The contributions of this paper are summarized below:

•

We propose an idea of knowledge concretization for the group activity recognition. And the knowledge in the specific application scenarios such as team sports or surveillance is concretized as the Class-Class Distribution Map (C-C Map) or Class-Position Distribution Map (C-P map).

•

We propose a novel Knowledge Augmented Relation Inference framework which integrates visual representation and knowledge (i.e., action labels, C-C Map, C-P Map) in a unified relation inference architecture.

•

Experiments on two public datasets show that the proposed method achieves competitive results compared with state-of-the-art methods. And the introduction of knowledge is also helpful in improving performance with limited training data.

II Related Work

Group activity recognition has been studied for over a decade. A lot of methods have been proposed. Early methods extract hand-crafted features to infer group behavior by probabilistic graphical models [21, 22, 23, 24, 25]. Recently, deep relation inference based methods have shown promising performance [26]. They can be generally classified into the visual representation based method and visual-semantic representation based methods, according to the information they used.

Visual Representation based Methods. Visual representation based methods usually obtain the enhanced visual representation by introducing visual relation inference [5, 27, 6, 7, 28, 18, 29, 30, 13, 31, 15]. Some methods adopt RNN or LSTM to explore the individual spatio-temporal relation in scene [5, 32, 6, 28, 33, 34, 35, 36]. Alternatively, some researchers introduce attention mechanism to relation inference [9, 37, 38, 11, 10, 39, 12, 31, 15], and improve the representation of visual features. Wu et al. [9] utilize a graph structure to construct the relations between actors in the scene and enhance their representation by graph convolution network. Yan et al. [37] construct a cross-graph to explore the temporal dynamics and spatial interaction context. Yuan et al. [11] use the well-designed dynamic relation module and dynamic walk module to build person-specific interaction, which can model spatial-temporal effectively. Gavrilyuk et al. [10] adopt transformer architecture to model spatial-temporal relations among individuals and use a multi-modal information fusion strategy. Li et al. [12] propose a Clustered Spatial-Temporal Transformer to deeply explore the correlation of spatial and temporal context in a parallel manner. Yuan and Ni [13] encode the global contextual information into individual features and explore all pairwise interactions between individuals. Han et al. [15] propose a Dual-path Actor Interaction framework to learn complex actor relations in videos and further enhance individual representation by using an efficient self-supervised signal.

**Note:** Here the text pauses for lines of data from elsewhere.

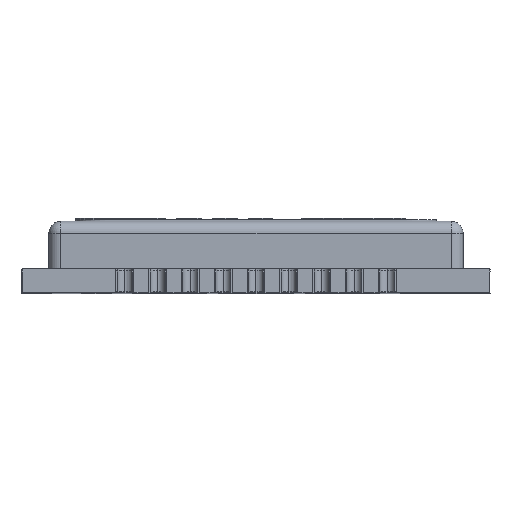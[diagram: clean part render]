
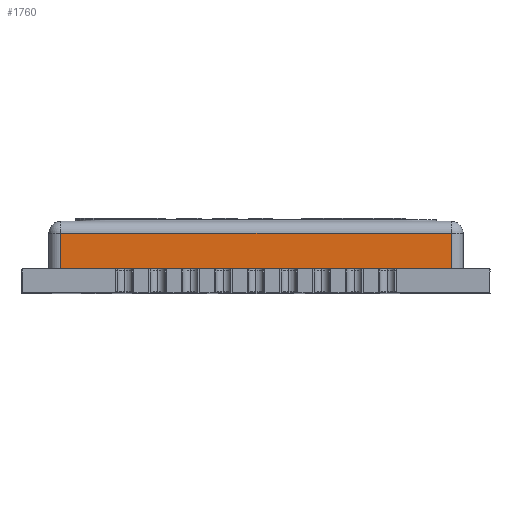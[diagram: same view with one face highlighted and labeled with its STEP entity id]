
A CAD part, top view. The second image highlights one B-rep face of the part: STEP entity #1760.
In plain terms, the highlighted planar face has unit normal (0, 0, 1).
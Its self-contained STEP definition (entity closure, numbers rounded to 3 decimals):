
#6 = VERTEX_POINT ( 'NONE', #90417 ) ;
#117 = VERTEX_POINT ( 'NONE', #124591 ) ;
#1760 = ADVANCED_FACE ( 'NONE', ( #21550 ), #117013, .F. ) ;
#9736 = AXIS2_PLACEMENT_3D ( 'NONE', #46463, #68114, #115439 ) ;
#13792 = EDGE_CURVE ( 'NONE', #117, #147650, #38745, .T. ) ;
#20067 = CARTESIAN_POINT ( 'NONE',  ( 6.55, 0.8, 7.9 ) ) ;
#21198 = DIRECTION ( 'NONE',  ( -1., 0., 0. ) ) ;
#21550 = FACE_OUTER_BOUND ( 'NONE', #96760, .T. ) ;
#27699 = VECTOR ( 'NONE', #111897, 1000. ) ;
#29439 = CARTESIAN_POINT ( 'NONE',  ( -6.55, 2.4, 7.9 ) ) ;
#38585 = ORIENTED_EDGE ( 'NONE', *, *, #55744, .T. ) ;
#38745 = LINE ( 'NONE', #29439, #106484 ) ;
#41370 = EDGE_CURVE ( 'NONE', #6, #117, #67774, .T. ) ;
#46463 = CARTESIAN_POINT ( 'NONE',  ( -6.95, 2.4, 7.9 ) ) ;
#46566 = CARTESIAN_POINT ( 'NONE',  ( -6.95, 0.8, 7.9 ) ) ;
#47347 = DIRECTION ( 'NONE',  ( 1., 0., 0. ) ) ;
#54842 = VECTOR ( 'NONE', #47347, 1000. ) ;
#55744 = EDGE_CURVE ( 'NONE', #71476, #6, #133791, .T. ) ;
#67774 = LINE ( 'NONE', #103433, #92290 ) ;
#68114 = DIRECTION ( 'NONE',  ( 0., 0., -1. ) ) ;
#69883 = EDGE_CURVE ( 'NONE', #147650, #71476, #94638, .T. ) ;
#71476 = VERTEX_POINT ( 'NONE', #20067 ) ;
#72086 = ORIENTED_EDGE ( 'NONE', *, *, #41370, .T. ) ;
#74763 = CARTESIAN_POINT ( 'NONE',  ( 6.55, 2.4, 7.9 ) ) ;
#90417 = CARTESIAN_POINT ( 'NONE',  ( 6.55, 2., 7.9 ) ) ;
#92290 = VECTOR ( 'NONE', #21198, 1000. ) ;
#94638 = LINE ( 'NONE', #46566, #54842 ) ;
#96760 = EDGE_LOOP ( 'NONE', ( #72086, #138854, #122775, #38585 ) ) ;
#103433 = CARTESIAN_POINT ( 'NONE',  ( -6.95, 2., 7.9 ) ) ;
#106484 = VECTOR ( 'NONE', #112341, 1000. ) ;
#111897 = DIRECTION ( 'NONE',  ( 0., 1., 0. ) ) ;
#112341 = DIRECTION ( 'NONE',  ( 0., -1., 0. ) ) ;
#115439 = DIRECTION ( 'NONE',  ( -1., 0., 0. ) ) ;
#117013 = PLANE ( 'NONE',  #9736 ) ;
#119113 = CARTESIAN_POINT ( 'NONE',  ( -6.55, 0.8, 7.9 ) ) ;
#122775 = ORIENTED_EDGE ( 'NONE', *, *, #69883, .T. ) ;
#124591 = CARTESIAN_POINT ( 'NONE',  ( -6.55, 2., 7.9 ) ) ;
#133791 = LINE ( 'NONE', #74763, #27699 ) ;
#138854 = ORIENTED_EDGE ( 'NONE', *, *, #13792, .T. ) ;
#147650 = VERTEX_POINT ( 'NONE', #119113 ) ;

Visual-Semantic Representation based Methods. Visual-semantic representation based methods introduce semantic information to relation inference and improve the consistency of visual relations with the semantic-level individual relations in the group activity [40, 28, 17, 20, 19, 16]. Li et al. [40] propose a novel semantics based scheme that recognizes group activities based on the semantic meaning of video captions generated by LSTM. Qi et al. [28] introduce a semantic graph to explicitly describe the spatial content of the scene and employ a structural-RNN to incorporate it with the temporal factor. Liu et al. [16] directly utilize individual action labels to construct a semantic graph to refine visual representations. Tang et al. [17] adopt knowledge distillation to force individual visual representations to be consistent with semantic representations embedded from action labels.

The existing methods demonstrate that the introduction of extra knowledge is helpful in improving visual representation. However, the knowledge they explored is merely a small part of knowledge in the real application scenarios, and the way of knowledge utilization can not adapt to the complicated knowledge. Unlike these methods, we utilize richer knowledge, such as tactical information, and introduce the concretized knowledge into the relation inference framework to improve the feature representation.

III Method

III-A Overall Architecture

Our framework is mainly composed of three modules: the Visual Representation Module for extracting appearance representation of individuals, the Knowledge Augmented Semantic Relation Module for encoding semantic representations of individual actions, and the Knowledge-Semantic-Visual Interaction Module for aggregating visual and semantic information. As illustrated in Fig. 2, our framework first summarizes the individual actions, and constructs a Class-Class Distribution Map (C-C Map) and a Class-Position Distribution Map (C-P Map). Then, it feds C-C Map into the Knowledge Augmented Semantic Relation Module to enhance the semantic representation. Afterward, it utilizes the semantic representation and the C-P Map to enhance the visual representation through the Knowledge-Semantic-Visual Interaction Module. Finally, it predicts the group activities using the enhanced visual representations.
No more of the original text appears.